Yo ha veces que me lo he llegado a creer, pero cuando leo cosas como "vivo en una supermansión" y "soy un hombre con mucho dinero".... como que retrocedo.

Por otro lado me tenta la idea ya que encajo en el perfil de "capataz" que se busca, domino la informática, redes, foros y troleos varios, lo único ese toque tirano, ahí flojeo, pero vamos que con dos copazos de orujito de hierbas me pongo fino fino y me cago en la pu**a madre de quien haga falta.


----------



## guillotinator (16 Oct 2012)

La verdad es que trabajar con gente local de ciertos países es complicado, aunque les pagues bien, es cierto que te la clavan, se escaquean, etc., tienes que ir detrás de ellos continuamente y al final acabas haciendo su trabajo, entiendo que busque encargados españoles.


----------



## energia01 (16 Oct 2012)

Donde andarán xicomalo y Vercingetorix que estos hilos son de los que les gustan!!

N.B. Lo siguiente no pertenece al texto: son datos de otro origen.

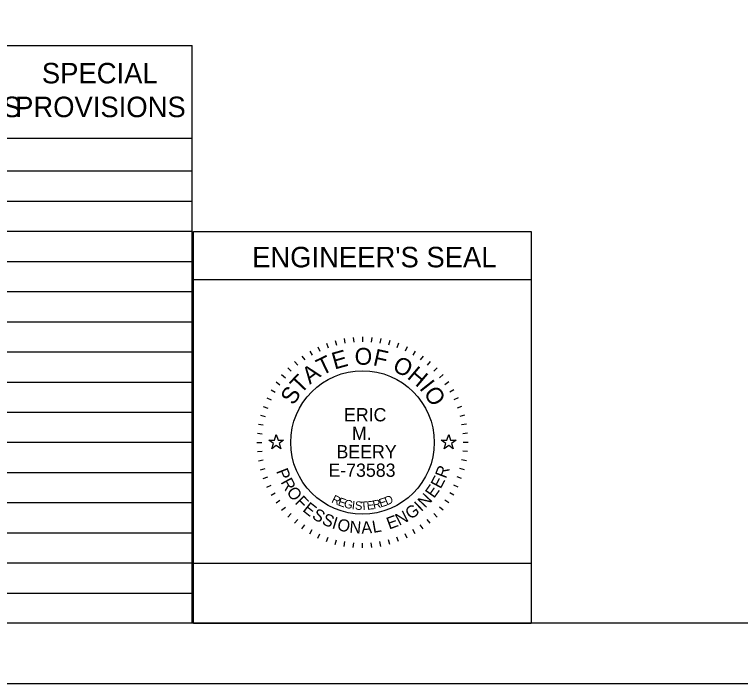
# Model space of a CAD drawing. Extents: x 0 to 82.7, y -0.2 to 22.
# Drawn here: x 22.13 to 28.15, y 0 to 5.55 of the extents above; entities that cross this region are included whole.
import ezdxf

# ---------------------------------------------------------------- set-up
doc = ezdxf.new("R2010")
doc.units = 0
for name, color, linetype in [('Default', 7, 'Continuous'), ('SH_Border', 7, 'Continuous'), ('SH_Cut_Line', 7, 'Continuous'), ('SH_Data', 7, 'Continuous'), ('SH_Text', 7, 'Continuous')]:
    doc.layers.add(name, color=color, linetype=linetype)

msp = doc.modelspace()

# ---------------------------------------------------------------- linework, layer by layer
at = {"layer": 'Default'}
for points in [[(24.2365, 2.0188), (24.2834, 2.0188), (24.2979, 2.0634), (24.3124, 2.0188), (24.3593, 2.0188), (24.3214, 1.9912), (24.3359, 1.9466), (24.2979, 1.9742), (24.2599, 1.9466), (24.2744, 1.9912)], [(25.6665, 2.0188), (25.7134, 2.0188), (25.7279, 2.0634), (25.7424, 2.0188), (25.7893, 2.0188), (25.7514, 1.9912), (25.7659, 1.9466), (25.7279, 1.9742), (25.6899, 1.9466), (25.7044, 1.9912)]]:
    msp.add_lwpolyline(points, close=True, dxfattribs=at)
at = {"layer": 'SH_Border'}
msp.add_lwpolyline([(1.5, 21.5), (33.5, 21.5), (33.5, 0.5), (1.5, 0.5)], close=True, dxfattribs=at)
at = {"layer": 'SH_Cut_Line'}
msp.add_lwpolyline([(0, 0), (34, 0), (34, 22), (0, 22)], close=True, dxfattribs=at)
at = {"layer": 'SH_Data'}
for p, q in [((10.15, 5.2917), (23.6, 5.2917)), ((23.6, 0.5), (23.6, 5.2917)), ((10.15, 4.5209), (23.6, 4.5209)), ((10.15, 4.25), (23.6, 4.25)), ((10.15, 4), (23.6, 4)), ((10.15, 3.75), (23.6, 3.75)), ((23.6129, 0.4988), (23.6129, 3.7488)), ((23.6129, 3.7488), (26.4129, 3.7488)), ((26.4129, 3.7488), (26.4129, 0.4988)), ((10.15, 3.5), (23.6, 3.5)), ((23.6129, 3.3488), (26.4129, 3.3488)), ((10.15, 3.25), (23.6, 3.25)), ((10.15, 3), (23.6, 3)), ((24.7864, 2.844), (24.7968, 2.8054)), ((24.861, 2.8605), (24.8679, 2.8211)), ((24.9366, 2.8705), (24.9401, 2.8307)), ((25.0129, 2.8738), (25.0129, 2.8338)), ((25.0892, 2.8705), (25.0857, 2.8307)), ((25.1648, 2.8605), (25.1579, 2.8211)), ((25.2394, 2.844), (25.229, 2.8054)), ((24.6431, 2.7919), (24.66, 2.7556)), ((24.7136, 2.8211), (24.7273, 2.7835)), ((25.3122, 2.8211), (25.2985, 2.7835)), ((25.3827, 2.7919), (25.3658, 2.7556)), ((10.15, 2.75), (23.6, 2.75)), ((24.511, 2.7156), (24.534, 2.6828)), ((24.5754, 2.7566), (24.5954, 2.722)), ((25.4504, 2.7566), (25.4304, 2.722)), ((25.5148, 2.7156), (25.4918, 2.6828)), ((24.4505, 2.6691), (24.4762, 2.6385)), ((25.5753, 2.6691), (25.5496, 2.6385)), ((24.3942, 2.6175), (24.4225, 2.5893)), ((25.6316, 2.6175), (25.6033, 2.5893)), ((24.3426, 2.5613), (24.3732, 2.5356)), ((25.6832, 2.5613), (25.6525, 2.5356)), ((10.15, 2.5), (23.6, 2.5)), ((24.2961, 2.5007), (24.3289, 2.4778)), ((25.7297, 2.5007), (25.6969, 2.4778)), ((24.2551, 2.4363), (24.2898, 2.4163)), ((25.7707, 2.4363), (25.736, 2.4163)), ((24.2199, 2.3686), (24.2561, 2.3517)), ((25.8059, 2.3686), (25.7697, 2.3517)), ((24.1907, 2.2981), (24.2282, 2.2844)), ((25.8351, 2.2981), (25.7975, 2.2844)), ((10.15, 2.25), (23.6, 2.25)), ((24.1677, 2.2253), (24.2063, 2.2149)), ((25.8581, 2.2253), (25.8194, 2.2149)), ((24.1512, 2.1508), (24.1906, 2.1438)), ((25.8746, 2.1508), (25.8352, 2.1438)), ((24.1412, 2.0751), (24.1811, 2.0716)), ((25.8846, 2.0751), (25.8447, 2.0716)), ((10.15, 2), (23.6, 2)), ((24.1379, 1.9988), (24.1779, 1.9988)), ((25.8879, 1.9988), (25.8479, 1.9988)), ((24.1412, 1.9226), (24.1811, 1.9261)), ((25.8846, 1.9226), (25.8447, 1.9261)), ((24.1512, 1.8469), (24.1906, 1.8538)), ((25.8746, 1.8469), (25.8352, 1.8538)), ((10.15, 1.75), (23.6, 1.75)), ((24.1677, 1.7724), (24.2063, 1.7827)), ((25.8581, 1.7724), (25.8194, 1.7827)), ((24.1907, 1.6996), (24.2282, 1.7132)), ((25.8351, 1.6996), (25.7975, 1.7132)), ((24.2199, 1.629), (24.2561, 1.6459)), ((25.8059, 1.629), (25.7697, 1.6459)), ((24.2551, 1.5613), (24.2898, 1.5813)), ((25.7707, 1.5613), (25.736, 1.5813)), ((24.2961, 1.497), (24.3289, 1.5199)), ((25.7297, 1.497), (25.6969, 1.5199)), ((10.15, 1.5), (23.6, 1.5)), ((24.3426, 1.4364), (24.3732, 1.4621)), ((25.6832, 1.4364), (25.6525, 1.4621)), ((24.3942, 1.3801), (24.4225, 1.4084)), ((25.6316, 1.3801), (25.6033, 1.4084)), ((24.4505, 1.3285), (24.4762, 1.3592)), ((25.5753, 1.3285), (25.5496, 1.3592)), ((24.511, 1.2821), (24.534, 1.3148)), ((24.5754, 1.2411), (24.5954, 1.2757)), ((25.4504, 1.2411), (25.4304, 1.2757)), ((25.5148, 1.2821), (25.4918, 1.3148)), ((10.15, 1.25), (23.6, 1.25)), ((24.6431, 1.2058), (24.66, 1.2421)), ((24.7136, 1.1766), (24.7273, 1.2142)), ((25.3122, 1.1766), (25.2985, 1.2142)), ((25.3827, 1.2058), (25.3658, 1.2421)), ((24.7864, 1.1536), (24.7968, 1.1923)), ((24.861, 1.1371), (24.8679, 1.1765)), ((24.9366, 1.1272), (24.9401, 1.167)), ((25.0129, 1.1238), (25.0129, 1.1638)), ((25.0892, 1.1272), (25.0857, 1.167)), ((25.1648, 1.1371), (25.1579, 1.1765)), ((25.2394, 1.1536), (25.229, 1.1923)), ((10.15, 1), (23.6, 1)), ((10.15, 0.75), (23.6, 0.75)), ((23.6129, 0.4988), (26.4129, 0.4988))]:
    msp.add_line(p, q, dxfattribs=at)
msp.add_lwpolyline([(23.6129, 0.4988), (23.6129, 0.9988), (26.4129, 0.9988), (26.4129, 0.4988)], close=True, dxfattribs=at)
msp.add_circle((25.0129, 1.9988), 0.595, dxfattribs=at)

# ---------------------------------------------------------------- texts
for s, height, p in [("ENGINEER'S SEAL", 0.17, (24.0975, 3.4509)), ('ERIC', 0.11, (24.8594, 2.1737)), ('M.', 0.11, (24.9255, 2.0205)), ('BEERY', 0.11, (24.7977, 1.8672)), ('E-73583', 0.11, (24.7306, 1.7139))]:
    msp.add_text(s, height=height, dxfattribs=at).set_placement(p)
for s, height, rotation, p in [('O', 0.14, 359.78119, (24.9476, 2.6431)), ('F', 0.14, 347.43619, (25.0939, 2.6406)), ('T', 0.14, 25.71674, (24.6745, 2.5507)), ('E', 0.14, 15.75706, (24.7813, 2.6026)), ('O', 0.14, 332.25863, (25.2527, 2.6003)), ('A', 0.14, 36.47472, (24.5763, 2.4769)), ('H', 0.14, 319.91363, (25.376, 2.5349)), ('T', 0.14, 46.4344, (24.5012, 2.3953)), ('I', 0.14, 308.36695, (25.4794, 2.4472)), ('S', 0.14, 57.19238, (24.441, 2.3003)), ('O', 0.14, 303.14906, (25.515, 2.4077)), ('P', 0.1, 291.49398, (24.2952, 1.7609)), ('R', 0.1, 69.23216, (25.7048, 1.6942)), ('R', 0.1, 298.73106, (24.3319, 1.6705)), ('E', 0.1, 61.99508, (25.6605, 1.6087)), ('O', 0.1, 306.46664, (24.3784, 1.5871)), ('E', 0.1, 54.75801, (25.6062, 1.5302)), ('N', 0.1, 47.02243, (25.5331, 1.4496)), ('F', 0.1, 314.7068, (24.4472, 1.4971)), ('E', 0.1, 321.43929, (24.5107, 1.4336)), ('R', 0.07, 334.48695, (24.7504, 1.5039)), ('E', 0.07, 341.03996, (24.8035, 1.4789)), ('G', 0.07, 347.47515, (24.8543, 1.4606)), ('I', 0.07, 353.78581, (24.922, 1.4456)), ('S', 0.07, 356.89262, (24.9487, 1.4417)), ('T', 0.07, 3.00609, (24.9986, 1.4375)), ('E', 0.07, 6.01169, (25.0518, 1.44)), ('R', 0.07, 11.91844, (25.1054, 1.4462)), ('E', 0.07, 17.68363, (25.1627, 1.459)), ('D', 0.07, 23.30524, (25.2139, 1.4759)), ('I', 0.1, 43.28703, (25.4997, 1.4202)), ('S', 0.1, 328.67637, (24.5872, 1.3741)), ('G', 0.1, 35.04687, (25.411, 1.3558)), ('S', 0.1, 335.91345, (24.6693, 1.3254)), ('E', 0.1, 20.07421, (25.2341, 1.2758)), ('N', 0.1, 27.31129, (25.3174, 1.3063)), ('I', 0.1, 343.15053, (24.7535, 1.2885)), ('O', 0.1, 346.88592, (24.7967, 1.274)), ('N', 0.1, 355.12608, (24.9017, 1.2506)), ('A', 0.1, 2.86166, (25.0052, 1.2425)), ('L', 0.1, 10.09874, (25.1023, 1.2479))]:
    msp.add_text(s, height=height, rotation=rotation, dxfattribs=at).set_placement(p)
at = {"layer": 'SH_Text'}
for s, p in [('SPECIAL', (22.3542, 4.9763)), ('SPECIFICATIONS', (20.2871, 4.6963)), ('PROVISIONS', (22.1323, 4.6963))]:
    msp.add_text(s, height=0.17, dxfattribs=at).set_placement(p)

doc.saveas('drawing.dxf')
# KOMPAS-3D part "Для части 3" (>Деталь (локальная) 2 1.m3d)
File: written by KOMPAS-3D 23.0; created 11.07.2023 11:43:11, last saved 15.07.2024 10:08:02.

Document properties: Автор: Владимир; Полное имя файла: C:\Users\YNA_NN\AppData\Local\Temp\KOMPAS-3D\ktf8-4528-2ed2-88cf\_Деталь (локальная) 2 1.m3d

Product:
- Body: Для части 3
    Материал: Сталь 3сп ГОСТ 380-2005 (density 7850 kg/m3)
    Масса: 141.3
- Part/product: Для части 3
    Материал: Сталь 3сп ГОСТ 380-2005 (density 7850 kg/m3)
    Масса: 141.3

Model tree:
1. Эскиз:1
2. Элемент выдавливания:3  (labels: Сталь 3сп ГОСТ 380-2005)
     Расстояние 1 = 100

El candidato ideal para el puesto es problanco!! Los pone firmes en dos días!! Si lee la oferta igual se anima.


----------



## 123456 (16 Oct 2012)

trading metales lo conozco y no es mal tio.

quizas debiera haberse vendido para wque hubiesen captado la idea mejor los foreros, pero no veo nada dispar lo que dice. si cumpliese requisitos quizas me apuntaria.

cierto loque dice de capataces.
hace años estuve en un proceso de seleccion para trabajar en el caribe y el de rrhh cuando le preguntaba cual iba a ser mi tarea me decia;"QUIERO UN BLANCO QUE CONTROLE A TODOS LOS NEGROS QUE HAY ALLI PARA QUE TRABAJEN", decia el tio que cuando cobraban pedian la cuenta en un alto porcentaje porque ya tenian dinero y para que iban a trabajar, que llegaban 4 horas tarde al trabajo, etc,etc,etc
cuando habla gente que ha estado alli, hablan de los negros en un tono que a nosotros nos suele sonar despectivo pero no lo es en absoluto.


----------



## vettonio (16 Oct 2012)

123456 dijo:


> cuando cobraban pedian la cuenta en un alto porcentaje porque ya tenian dinero y para que iban a trabajar, que llegaban 4 horas tarde al trabajo, etc,etc,etc



Eso no lo discuto. Además lo he sufrido. La informalidad es notoria. A un español mediano le chocaría como otras muchísimas costumbres que se gastan por allí.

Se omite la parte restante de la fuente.